Dr Sheila Sweetinburgh

Dr Sheila Sweetinburgh

Co-director of the Centre for Kent History and Heritage

Kent-Related Research Interests

Using a microhistory interdisciplinary approach, my research focuses on a wide range of Kent history topics from peasant and urban society, looking at 'history from below'. In addition to textual sources, I have deployed material culture and the built environment to explore such topics as gift-giving and reciprocity, piety and charity, neighbourliness, and the role and use of 'imaginative memory' in the construction of institutional identity.

Due to the rich archival sources from Canterbury and the Cinque Ports, in particular, as well as the extensive manorial sources from Christ Church Priory and archiepiscopal estates in Kent, I have published on late medieval agriculture and fishing, which were key industries in the county. I have similarly examined subjects relating to literacy and book culture, especially in Kentish urban society where these developments were especially marked, and not solely among those who were clerks.

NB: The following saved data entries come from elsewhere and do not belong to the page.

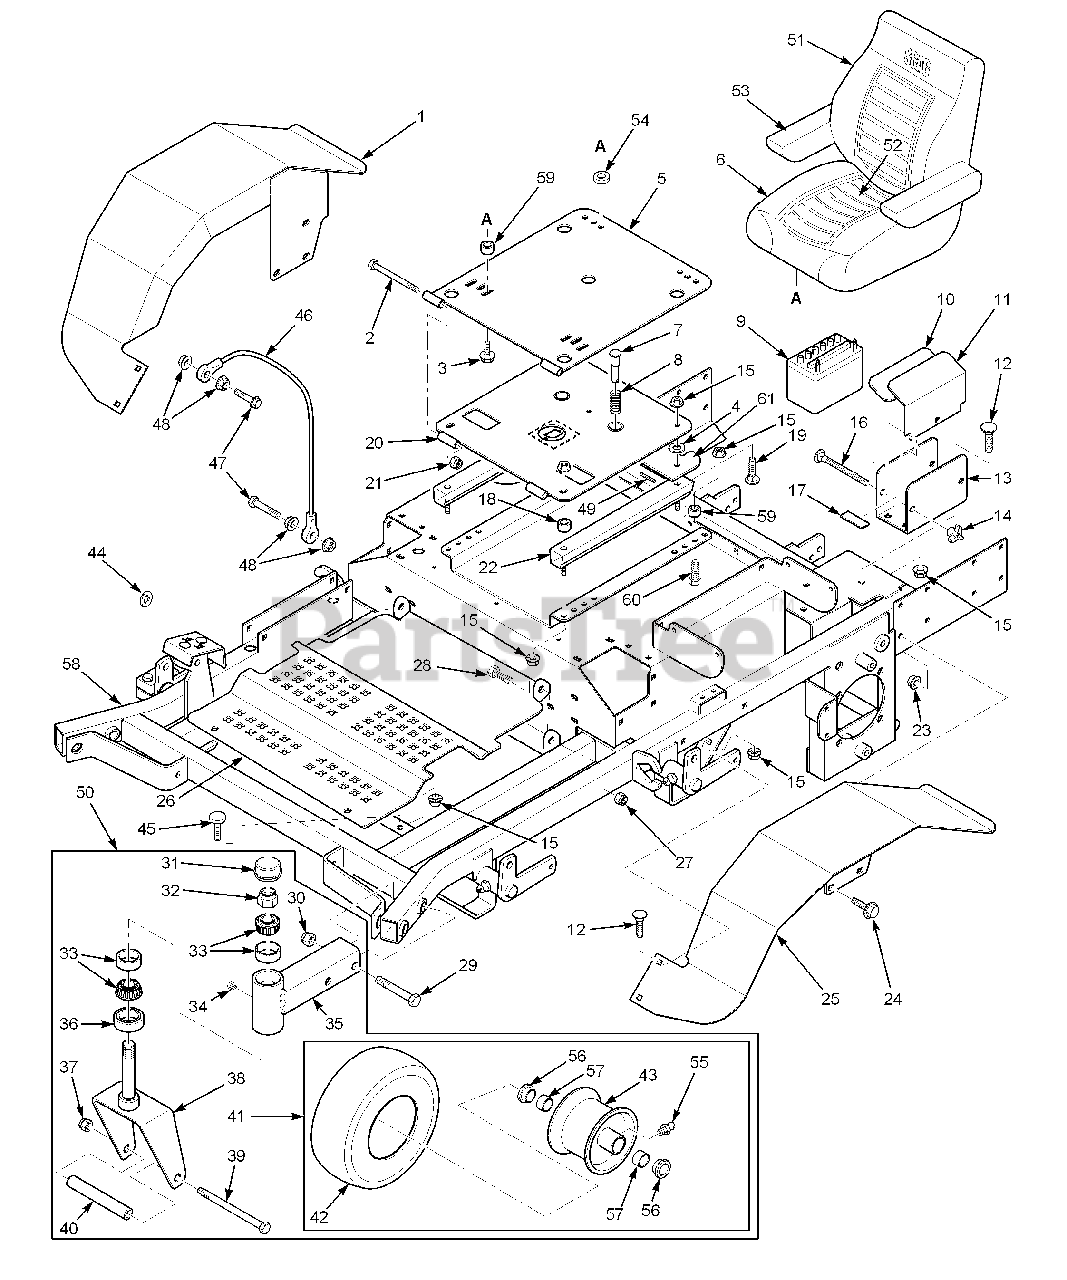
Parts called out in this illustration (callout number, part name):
1	Fender Weldment, RH
2	Bolt, Hex Head 5/16-18 x 3-1/2"
3	Screw, Hex Serrated Flange 5/16-18 x 3/4"
4	Flatwasher, 3/8"
5	Seat Plate Weldment, Upper
6	Seat Assembly w/armrest
7	Pin Retainer, Spring
8	Spring, Seat
9	Battery
10	Pad, Battery Cover
11	Cover, Battery
12	Bolt, Carriage 5/16-18 x 3/4"
13	Plate, Battery Box
14	Wing Nut, 1/4-20 x 3/4"
15	Nut, Hex Serrated Flange 5/16-18
16	Bolt, Carriage 1/4-20 x 6"
17	Rubber Pad
18	Spacer
19	Bolt, Carriage 5/16-18 x 1"
20	Seat Plate Weldment, Lower
21	Nut, Hex Elastic Stop 5/16-18
22	Seat Adjustment, Track Set
23	Nut, Hex Serrated Flange 3/8-16
24	Screw, Hex Serrated Flange 3/8-16 x 1"
25	Fender Weldment, LH
26	Foot Plate
27	Nut, Hex Elastic Stop 3/8-16
28	Bolt, Hex Head 3/8-16 x 1-1/4"
29	Bolt, Hex Head 5/8-11 x 4"
30	Nut, Hex Elastic Stop 5/8-11
31	Cap, Grease
32	Nut, Hex Elastic Stop 1.0-14
33	Bearing W/Race
34	Plug, 1/4-28 THD Form
35	Extention Weldment, Caster 72A
36	Seal, 2.00 OD. x 1.625 Bore
37	Nut, Hex Elastic Stop 1/2-13
38	Yoke Weldment, Caster
39	Bolt, Hex Head 1/2-13 x 7-1/2"
40	Sleeve
41	Wheel Assy
43	Rim Assembly
44	Washer, 3/8’
45	Bumper, Rubber
46	Cable, Seat Stop
47	Bolt, Hex Head 1/4-20 x 1-1/4"
48	Nut, Hex Serrated Flange 1/4-20
49	Roll Pin, Spring 5/32 x 3/4"
50	Caster Wheel Assy 72A
51	Back Cushion Cover
52	Seat Cushion Cover
53	Arm Rest, Both Sides
54	Spacer
55	Grease Fitting
56	Bearing, Oilite
57	Roller Bearing
58	Main Frame
59	Spacer, Seat
60	Bolt, Hex Head 5/16-18 x 1-3/4"
61	Stop, Seat
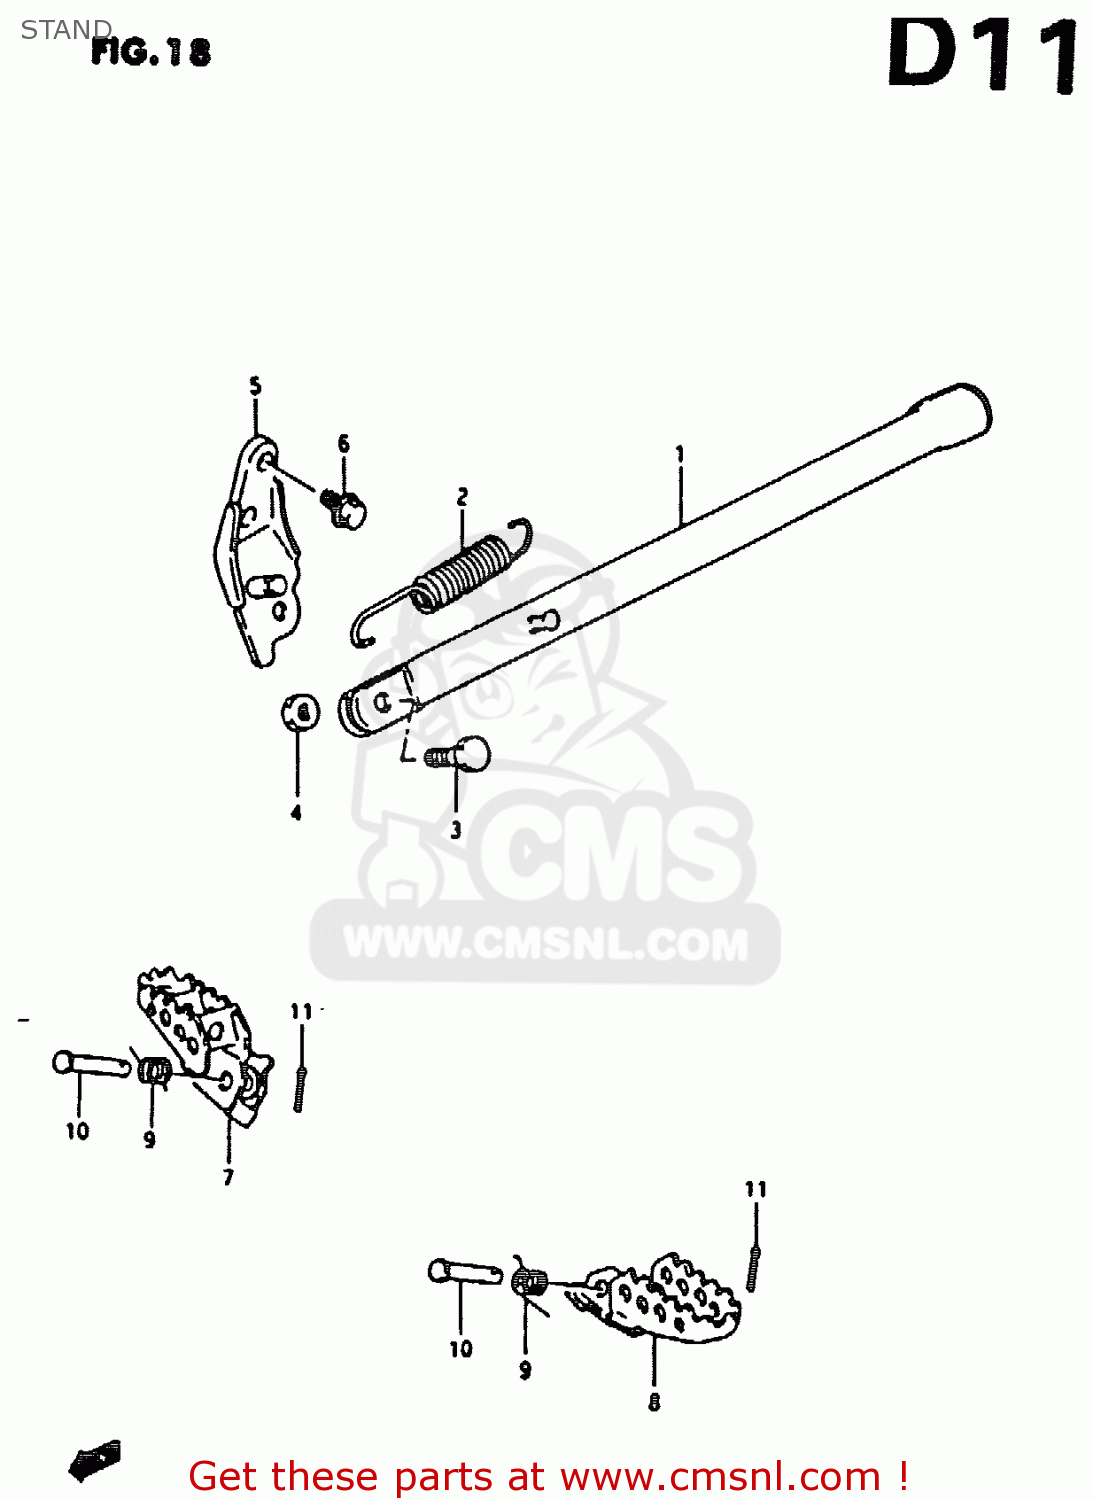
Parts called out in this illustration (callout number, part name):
1	STAND,SIDE
2	SPRING
3	BOLT(8X25)
4	NUT
5	BRACKET,SIDE STAND
6	BOLT
7	FOOTREST COMP,FRONT,RIGHT
8	FOOTREST COMP,FRONT,LEFT
9	SPRING
10	PIN
11	PIN
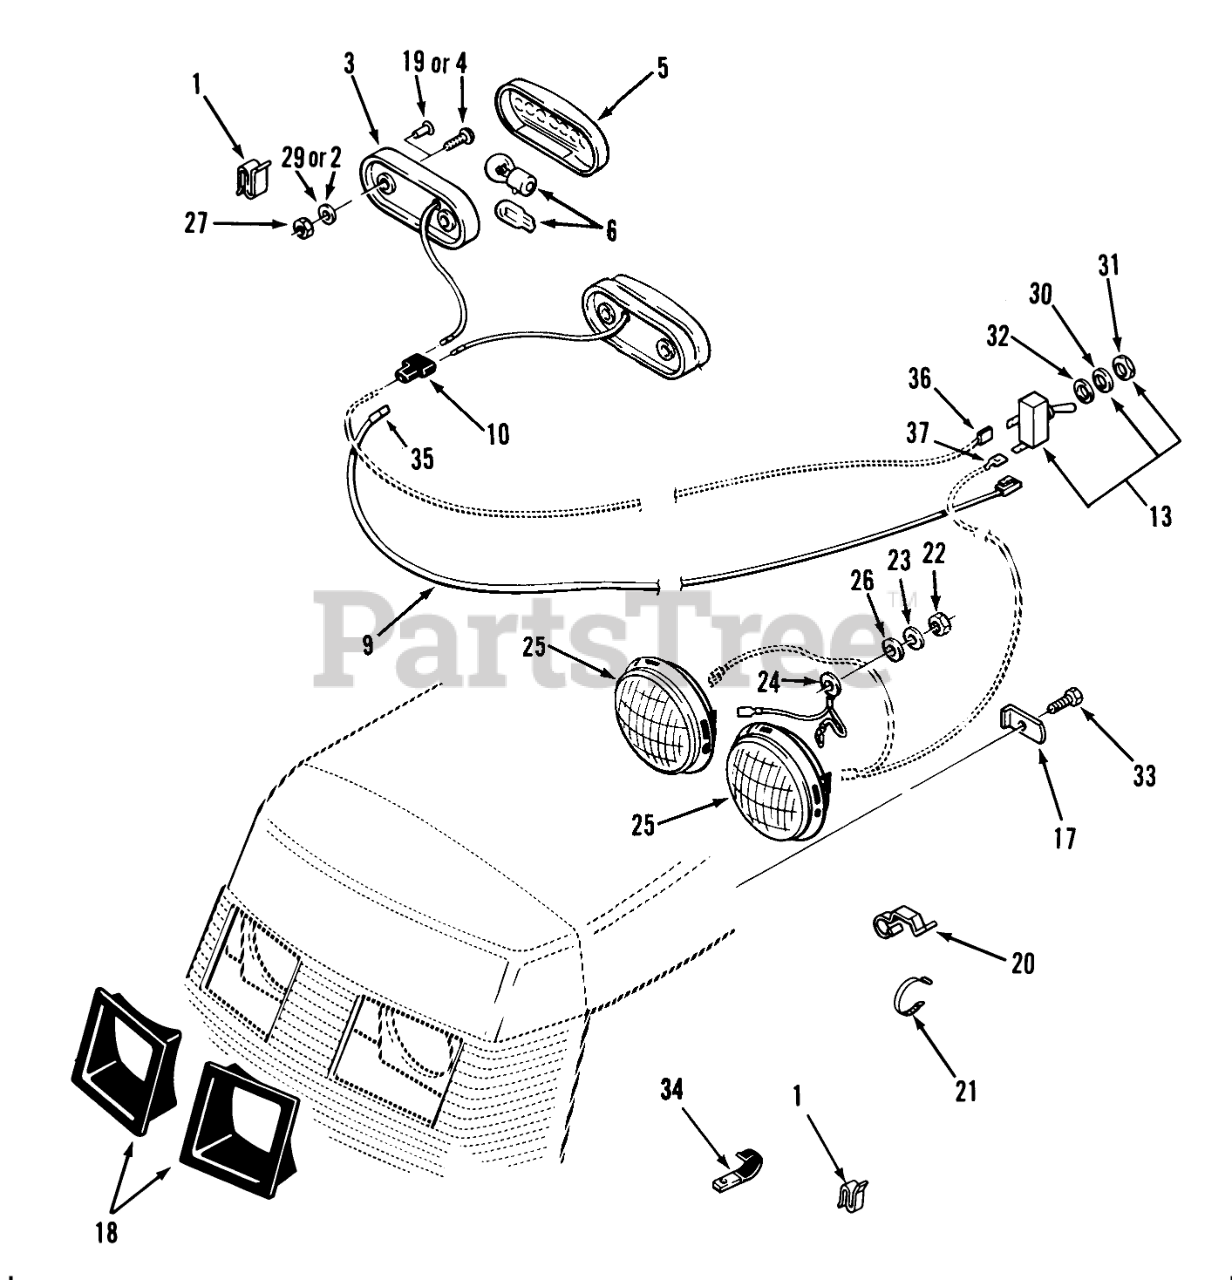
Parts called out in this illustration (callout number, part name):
1	SPEED CLIP
2	Lockwasher
3	BASE-TAIL LIGHT
4	Screw
5	LENS-TAIL LIGHT
6	Bulb
9	WIRE TAIL LIGHT
10	CONNECTOR 3 WIRE
13	SWITCH-LIGHTS
17	LOCK-HEADLIGHT
18	HEADLIGHT BEZEL ASSY.(SERVICE)
19	RIVET-4
20	CLIP-WIRE
21	PLASTIC TIE
22	Nut
23	Washer-Lock
24	LIGHT GROUND WIRE
25	HEAD LAMP
26	WASHER 5/16 SAE
27	Nut
29	WASHER
30	TAB-WASHER
31	NUT-HEX
32	Washer
33	Bolt
34	CLIP
35	Sur-Plug
36	TERMINAL 10
37	Terminal
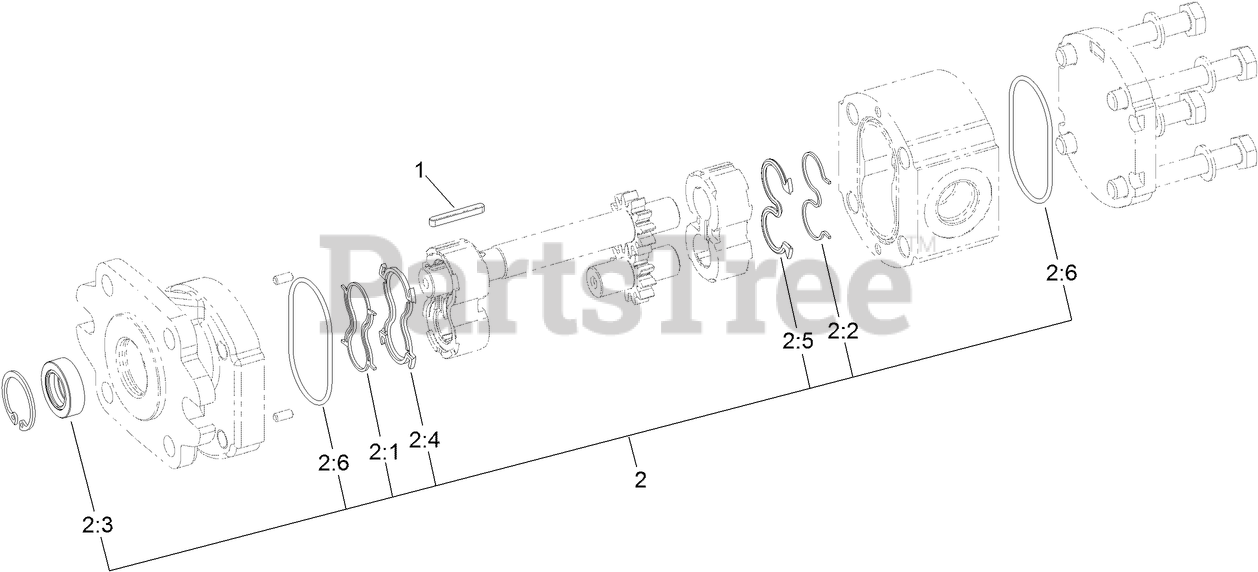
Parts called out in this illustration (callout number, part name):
1	KEY-SQUARE
2	SEAL KIT
2:1	SEAL-ANTI EXTRUSION
2:2	SEAL-ANTI EXTRUSION
2:3	SEAL-SHAFT
2:4	SEAL-UPPER
2:5	SEAL
2:6	O-RING
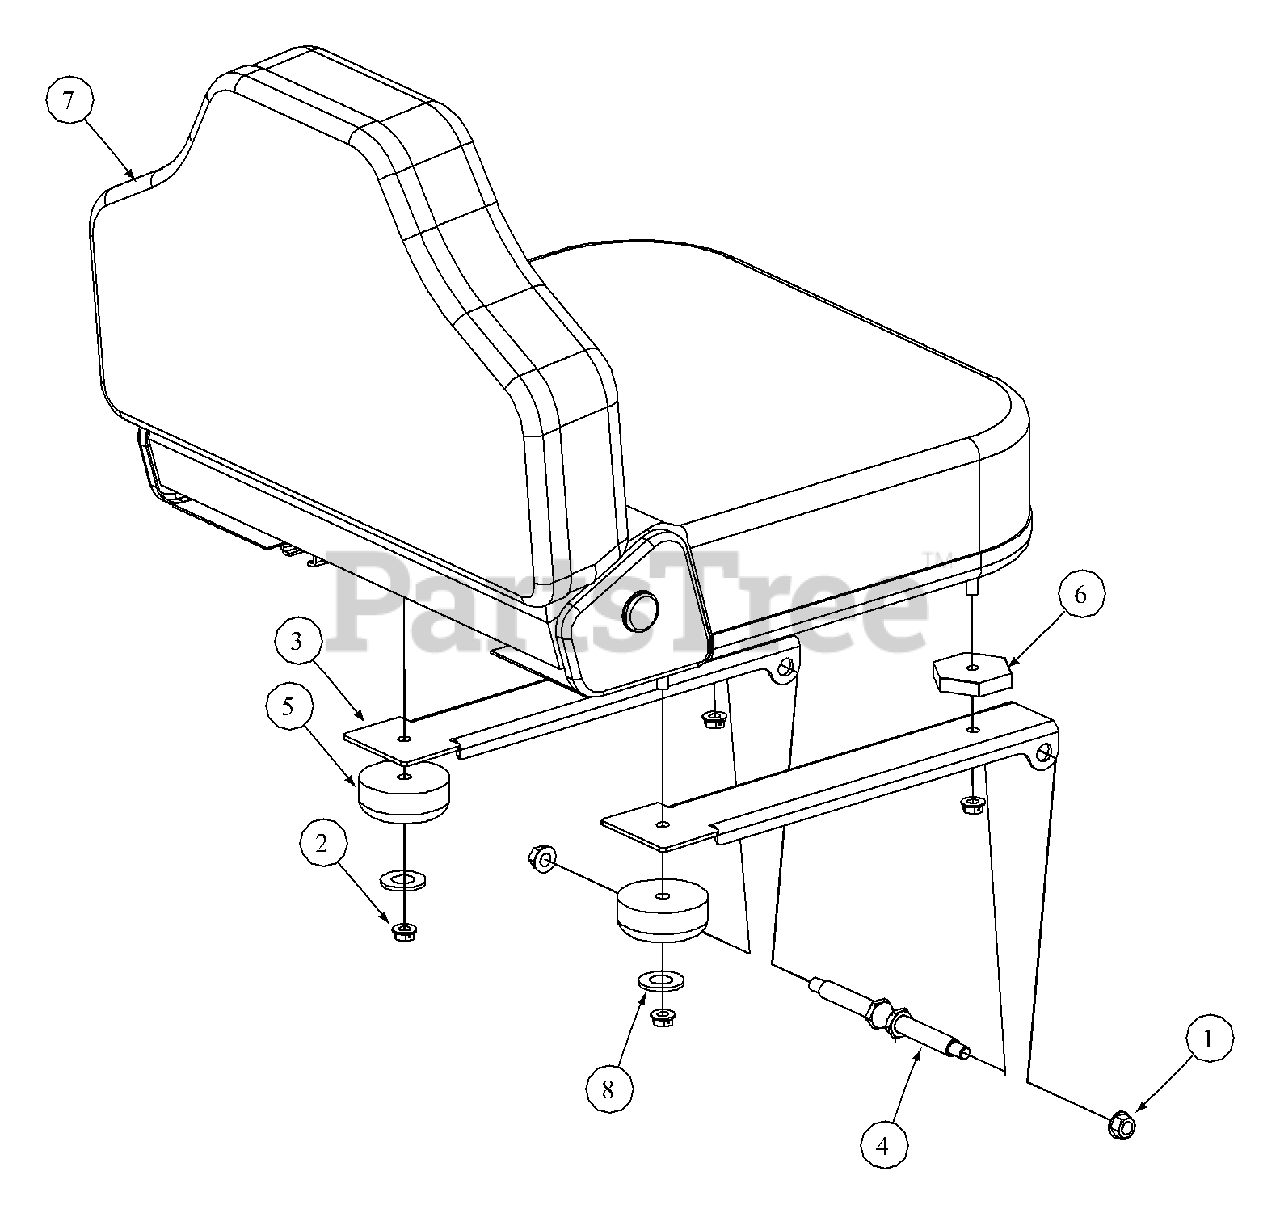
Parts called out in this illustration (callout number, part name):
1	Nut, Hex 3/8-16 Flange Lock
2	Lock Nut, Hex Flange, 5/16-18
3	Mounting Bracket, Seat
4	Shoulder Screw, .50x2.345, 3/8-16
5	Grommet, 2.5 OD x 1.0 Long
6	Spacer, 2.0 Hex x .41 Lg
7	Adjustable Seat, Black
8	Flat Washer, .406 ID, 1.00 OD, .105

Currently supervising postgraduate research projects on Kent-related topics

Recent or Forthcoming Publications

  • ‘Crossing the Channel: immigrant artisans and traders in fifteenth-century Canterbury’, in E. Edwards and D. Killingray, eds, Migration in Kent through the Ages (forthcoming).
  • ‘The St Nicholas’ Hospital mazer and St Thomas Becket: from ‘everyday’ object to relic’, in E. Brenner, R. Koopmans and P. Webster, eds, Materiality, Sanctity, and the Cult of Thomas Becket (forthcoming).
  • 'Neighbours across the religious divide: coping with difference in Henrician Kent', in B. Kane and S. Sandall, eds, The Experience of Neighbourhood in Medieval and Early Modern Europe (Abingdon, 2022), pp. 63–77.
  • ‘More continuity than change: almshouses in Tudor Kent’, Southern History 42 (2020/21), 21–45.
  • ‘Fishermen and their families in late medieval and Tudor Kent’, in C. Jowitt, C. Lambert and S. Mentz, eds, The Routledge Research Companion to Marine and Maritime Worlds, 1400-1800: Oceans in Global History and Culture (Abingdon, 2020), pp. 202–20.